Skocz do zawartości
Nerwica.com

Czy mam SCHIZOFRENIĘ (F20)?


take

Czy myślisz, że jestem schizofrenikiem?  

24 użytkowników zagłosowało

  1. 1. Czy myślisz, że jestem schizofrenikiem?

    • Zdecydowanie tak
      3
    • Raczej tak
      4
    • Raczej nie (np. masz tylko schizotypię, natręctwa, zespół Aspergera)
      6
    • Zdecydowanie nie (np. masz tylko schizotypię, natręctwa, zespół Aspergera)
      11


Rekomendowane odpowiedzi

W piątek byłem na krótkiej wizycie u psychiatry. Trwała chyba kilka minut. Lekarka mówiła o oddziale dziennym. Powiedziała, że będę mieć wypisane skierowanie na oddział i abym w poniedziałek (czyli jutro) rano przyszedł. A ma się zacząć dość wcześnie rano, więc "zdenerwowałem się" i nieco unosiłem głos, bo nie podobało mi się, że tak wcześnie (muszę dojechać na wczesną godzinę). Zależy na tym, aby się dostać na ten oddział. Jutro chcę tam iść.

Udostępnij tę odpowiedź


Odnośnik do odpowiedzi
Udostępnij na innych stronach

Wstałem dziś ok. 5:30. Udało mi się przyjechać wcześnie rano. Zdążyłem bez problemów, wręcz "z zapasem". Odebrałem skierowanie, na którym zaznaczono, że jestem emerytem (pewnie dlatego, bo mam rentę socjalną) :) . Około godzinę czekałem na rozmowę z ordynatorem.

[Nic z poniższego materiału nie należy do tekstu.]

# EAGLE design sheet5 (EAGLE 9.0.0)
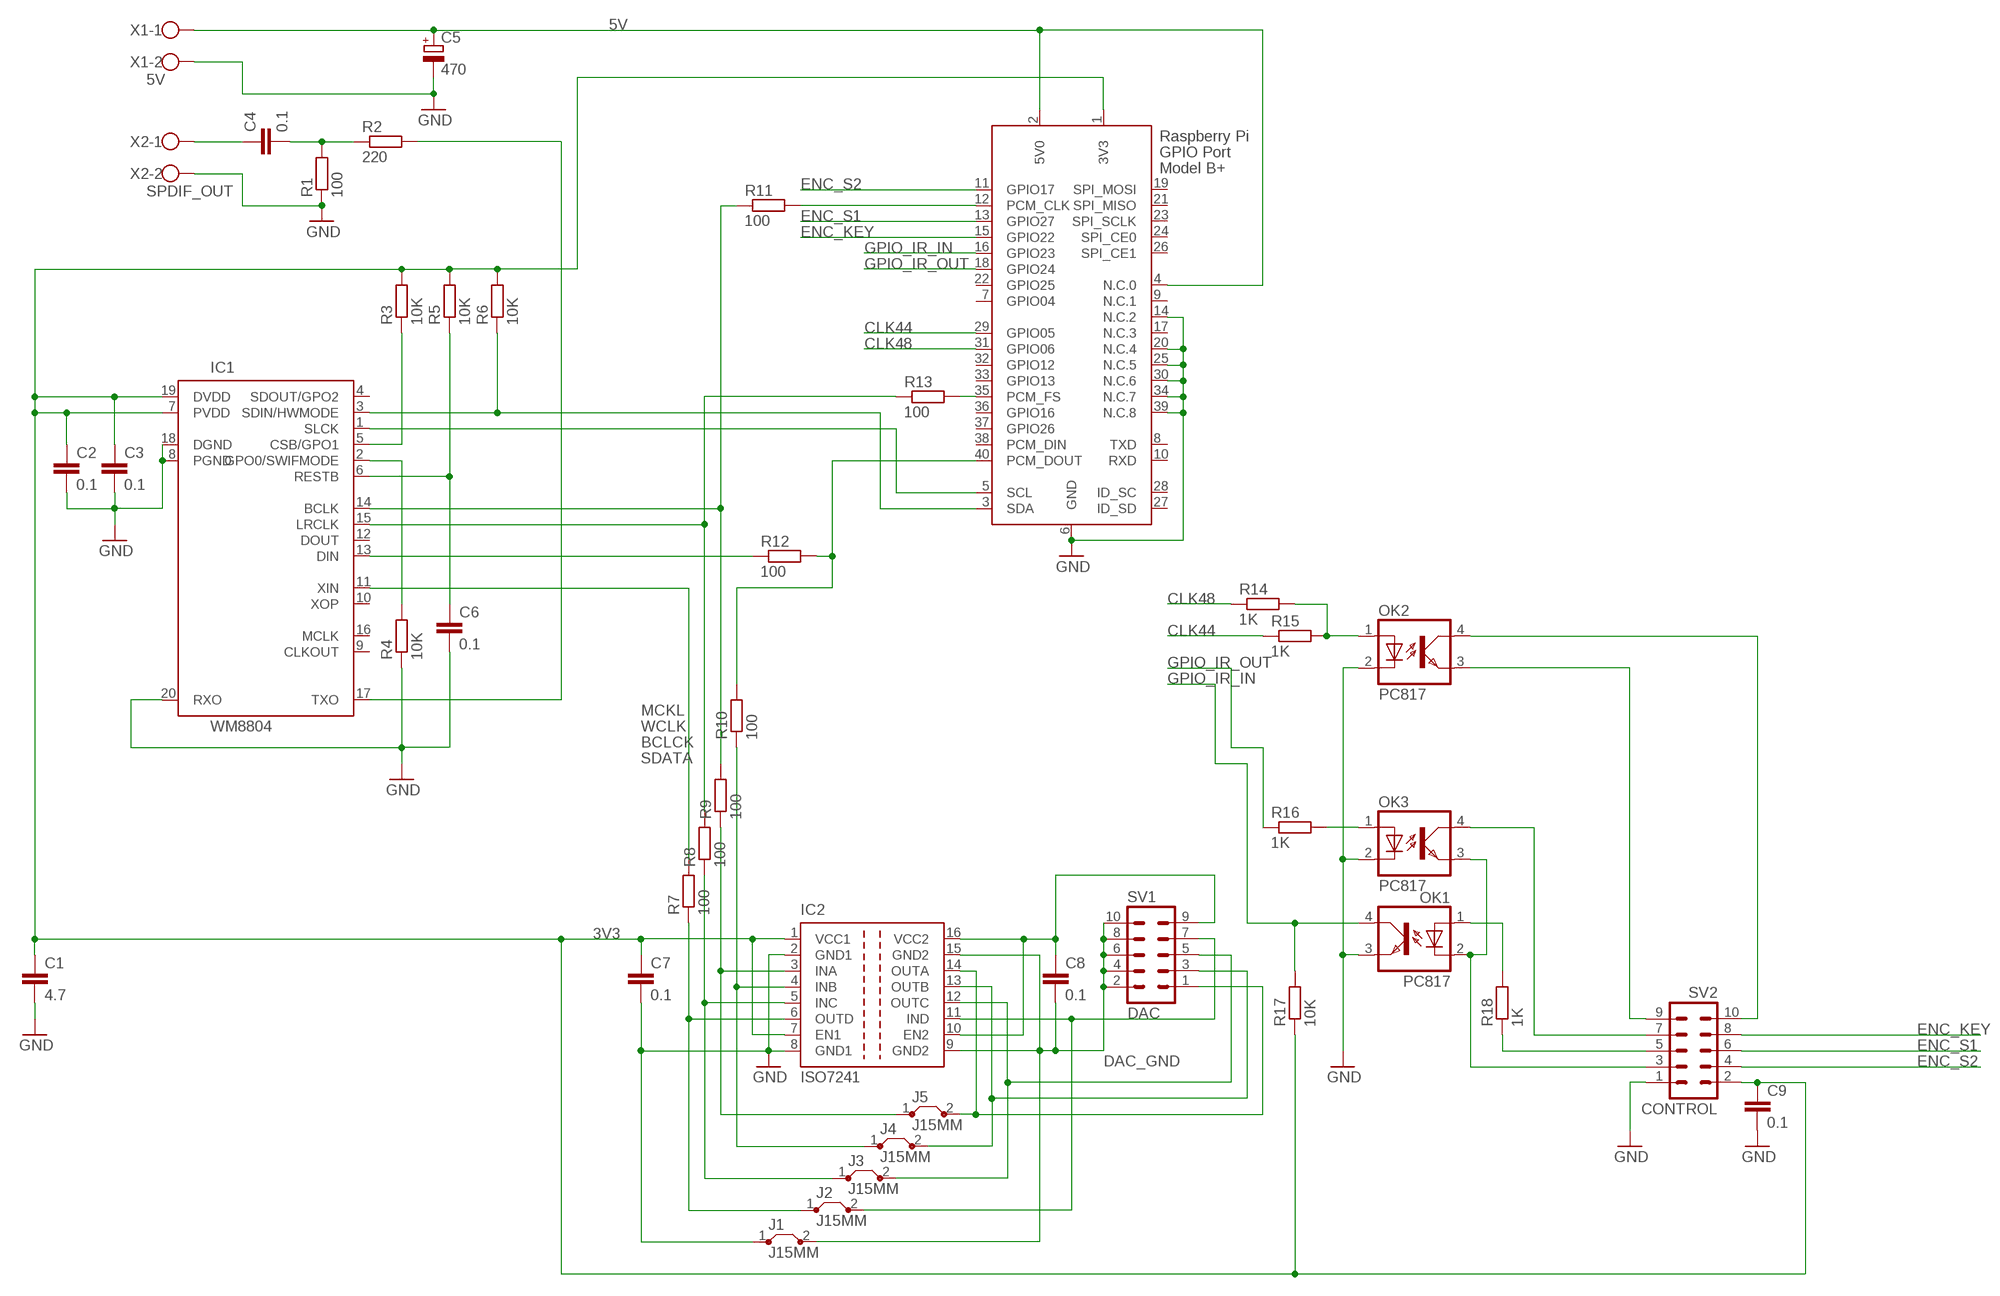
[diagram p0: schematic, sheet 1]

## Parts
C1  4.7  C-EU050-024X044  [C050-024X044]
C2  0.1  C-EUC1206  [C1206]
C3  0.1  C-EUC1206  [C1206]
C4  0.1  C-EU050-030X075  [C050-030X075]
C5  470  CPOL-EUE3.5-8  [E3,5-8]
C6  0.1  C-EUC1206  [C1206]
C7  0.1  C-EUC1206  [C1206]
C8  0.1  C-EUC1206  [C1206]
C9  0.1  C-EUC1206  [C1206]
IC1  WM8804  [SSOP20]
IC2  ISO7241  [SO-16DW]
J1  J15MM  [15]
J2  J15MM  [15]
J3  J15MM  [15]
J4  J15MM  [15]
J5  J15MM  [15]
OK1  PC817  [DIL04]
OK2  PC817  [DIL04]
OK3  PC817  [DIL04]
R1  100  R-EU_0207/10  [0207/10]
R2  220  R-EU_0207/10  [0207/10]
R3  10K  R-EU_R1206  [R1206]
R4  10K  R-EU_R1206  [R1206]
R5  10K  R-EU_R1206  [R1206]
R6  10K  R-EU_R1206  [R1206]
R7  100  R-EU_R1206  [R1206]
R8  100  R-EU_R1206  [R1206]
R9  100  R-EU_R1206  [R1206]
R10  100  R-EU_R1206  [R1206]
R11  100  R-EU_R1206  [R1206]
R12  100  R-EU_R1206  [R1206]
R13  100  R-EU_R1206  [R1206]
R14  1K  R-EU_R1206  [R1206]
R15  1K  R-EU_R1206  [R1206]
R16  1K  R-EU_R1206  [R1206]
R17  10K  R-EU_R1206  [R1206]
R18  1K  R-EU_R1206  [R1206]
SV1  DAC  ML10  [ML10]
SV2  CONTROL  ML10  [ML10]
X1  5V  W237-102  [W237-102]
X2  SPDIF_OUT  W237-102  [W237-102]
X3  RASPI_BOARD_B+_H  [RASPI_BOARD_B+HAT]

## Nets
3V3: C1.1 C2.1 C3.1 C7.1 C9.1 IC1.7(PVDD) IC1.19(DVDD) IC2.1(VCC1) IC2.7(EN1) R3.2 R5.2 R6.2 R17.1 SV2.2 X3.1(3V3)
5V: C5.+ X1.1 X3.2(5V0) X3.4(N.C.0)
$111: IC2.4(INB) J4.1 R10.1
BCLCK: IC2.3(INA) J5.1 R9.1
BCLK: IC1.14(BCLK) R9.2 R11.1
CLK44: R15.1 X3.29(GPIO05)
CLK48: R14.1 X3.31(GPIO06)
DAC_GND: C8.2 IC2.9(GND2) IC2.15(GND2) J1.2 SV1.2 SV1.4 SV1.6 SV1.8 SV1.10
ENC_KEY: SV2.8 X3.15(GPIO22)
ENC_S1: SV2.6 X3.13(GPIO27)
ENC_S2: SV2.4 X3.11(GPIO17)
GND [power]: C1.2 C2.2 C3.2 C5.- C6.2 C7.2 C9.2 IC1.8(PGND) IC1.18(DGND) IC1.20(RXO) IC2.2(GND1) IC2.8(GND1) J1.1 OK1.3(EMIT) OK2.2(C) OK3.2(C) R1.1 R4.1 SV2.1 X1.2 X2.2 X3.6(GND) X3.14(N.C.2) X3.20(N.C.4) X3.25(N.C.5) X3.30(N.C.6) X3.34(N.C.7) X3.39(N.C.8)
GPIO_IR_IN: OK1.4(COL) R17.2 X3.16(GPIO23)
GPIO_IR_OUT: R16.1 X3.18(GPIO24)
MCKL: IC1.11(XIN) R7.2
N$1: IC1.1(SLCK) X3.5(SCL)
N$2: IC1.3(SDIN/HWMODE) R6.1 X3.3(SDA)
N$3: C4.2 R1.2 R2.1
N$5: IC1.13(DIN) R12.1
N$6: IC1.17(TXO) R2.2
N$7: R11.2 X3.12(PCM_CLK)
N$8: R13.2 X3.35(PCM_FS)
N$9: C4.1 X2.1
N$10: IC2.6(OUTD) J2.1 R7.1
N$11 [power]: IC1.2(GPO0/SWIFMODE) R4.2
N$13: IC2.5(INC) J3.1 R8.1
N$15: OK2.1(A) R14.2 R15.2
N$16: IC1.5(CSB/GPO1) R3.1
N$18: OK1.2(C) OK3.3(EMIT) SV2.3
N$19: C6.1 IC1.6(RESTB) R5.1
N$21: R18.1 SV2.5
N$22: OK2.3(EMIT) SV2.9
N$23: IC2.11(IND) J2.2 SV1.7
N$24: C8.1 IC2.10(EN2) IC2.16(VCC2) SV1.9
N$25: OK3.4(COL) SV2.7
N$26: OK3.1(A) R16.2
N$27: OK1.1(A) R18.2
N$28: OK2.4(COL) SV2.10
N$29: IC2.12(OUTC) J3.2 SV1.5
N$31: IC2.13(OUTB) J4.2 SV1.3
N$32: IC2.14(OUTA) J5.2 SV1.1
SDATA: R10.2 R12.2 X3.40(PCM_DOUT)
WCLK: IC1.15(LRCLK) R8.2 R13.1
Unconnected: IC1.4(SDOUT/GPO2) IC1.9(CLKOUT) IC1.10(XOP) IC1.12(DOUT) IC1.16(MCLK) X3.7(GPIO04) X3.8(TXD) X3.9(N.C.1) X3.10(RXD) X3.17(N.C.3) X3.19(SPI_MOSI) X3.21(SPI_MISO) X3.22(GPIO25) X3.23(SPI_SCLK) X3.24(SPI_CE0) X3.26(SPI_CE1) X3.27(ID_SD) X3.28(ID_SC) X3.32(GPIO12) X3.33(GPIO13) X3.36(GPIO16) X3.37(GPIO26) X3.38(PCM_DIN)

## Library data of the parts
C1-C4 C6-C9 = rcl:C-EU: CAPACITOR, European symbol; SPICEPREFIX: C
C5 = rcl:CPOL-EU: POLARIZED CAPACITOR, European symbol; SPICEPREFIX: C
IC1 = wm8804:WM8804: TRANSCEIVER, S/PDIF, 1:1, 20SSOP Supply Voltage Range: 2.7V to 3.6V Logic Case Style: SSOP No. of Pins: 20 Operating Temperature Range: -40°C to +85°C SVHC: No SVHC (19-Dec-2011) Interface Type: Serial, 2 / 3 Wire Line / Bus Driver / Receiver / Transceiver Type: Digital Interface Transceiver with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
IC2 = texas:ISO7241: HIGH SPEED QUAD DIGITAL ISOLATORS Source: http://focus.ti.com/lit/ds/symlink/iso7240m.pdf; MPN: ISO7241CDW; OC_FARNELL: 1575372; OC_NEWARK: 73M3155
J1-J5 = jumper:J: Bridge
OK1-OK3 = optocoupler:PC817: SHARP OPTO COUPLER; MPN: PC817X4J000F; OC_FARNELL: 9707727; OC_NEWARK: 97K7059
R1-R18 = rcl:R-EU_: RESISTOR, European symbol; SPICEPREFIX: R
SV1 SV2 = con-ml:ML10: HARTING; OC_FARNELL: unknown; OC_NEWARK: unknown
X1 X2 = con-wago-500:W237-102: WAGO SCREW CLAMP; MPN: 237-102; OC_FARNELL: unknown; OC_NEWARK: 70K9898
X3 = raspberrypi_bastelstube_v13:RASPI_BOARD_B+: Raspberry Pi GPIO connector with markings for the outer dimensions of the Raspberry Pi board model B+ with different sets of drill holes or mounting pads

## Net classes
0 default: width 0.254 mm, drill 0.254 mm, clearance 0.254 mm
1 power: width 0.305 mm, drill 0.305 mm, clearance 0.305 mm

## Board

Dano mi na niej skierowanie na oddział dzienny dopiero na początek kwietnia 2016 r.

 

W środę mam wizytę z psychiatrą, która przepisała mi Abilify, po którym miałem dokuczliwą akatyzję. Mam nadzieję, że się nie zdenerwuje z powodu odstawienia tego leku, który nawet oddałem tydzień temu, kiedy byłem na wizycie z inną psychiatrą. Tamta osoba, która przepisała mi lek zawierający arypiprazol, może nie mieć wątpliwości co do tego, że mam schizofrenię. Boję się, że znowu przepisze mi jakiś "psychotrop", a ja nie chcę takiego leczenia, bo boję się efektów ubocznych i nie chcę ich mieć, po Abilify wręcz nie widziałem efektów pozytywnych, a negatywne były znaczne :( Poza tym moje objawy nie są typowe, psychiatra, do której chodziłem przez kilka lat, gdy byłem studentem, nie stwierdziła u mnie schizofrenii nawet wtedy, gdy ją o to zapytałem.

Udostępnij tę odpowiedź


Odnośnik do odpowiedzi
Udostępnij na innych stronach

Skutki uboczne po Abilify były zbyt dobitne, żeby je zaakceptować. Ta nieprzyjemna akatyzja ogólnie "rozwalała" funkcjonowanie. Teraz na szczęście jest już ewidentnie lepiej. Nie chcę znowu przechodzić przez coś podobnego i nie chcę mieć ponownie takie nieprzyjemne doświadczenia i takie niedogodności w funkcjonowaniu. A kolejnego "psychotropa" na "schizo" się boję.

 

Na skierowaniu do oddziału dziennego napisano tylko "podejrzenie schizofrenii", a nie "rozpoznanie schizofrenii". Mi moje objawy schizofrenii tak bardzo nie przeszkadzają, samo CZR i natręctwa wystarczająco upośledzają, jeszcze przy takim nastawieniu społeczeństwa.

Udostępnij tę odpowiedź


Odnośnik do odpowiedzi
Udostępnij na innych stronach

Niestety, kłamać (zwłaszcza w celu uniknięcia kary, cierpienia) potrafię od małego. Przez między innymi to mogę myśleć, że nie jestem aspergerowcem. Mimo tego ZA stwierdzili u mnie bez większych wątpliwości, gdy miałem ok. 17 lat. Obecnie nie chcę kłamać ze względów religijnych. To, że umiem kłamać, nie czyni mnie jakoś (zbytnio) mniej biednym człowiekiem.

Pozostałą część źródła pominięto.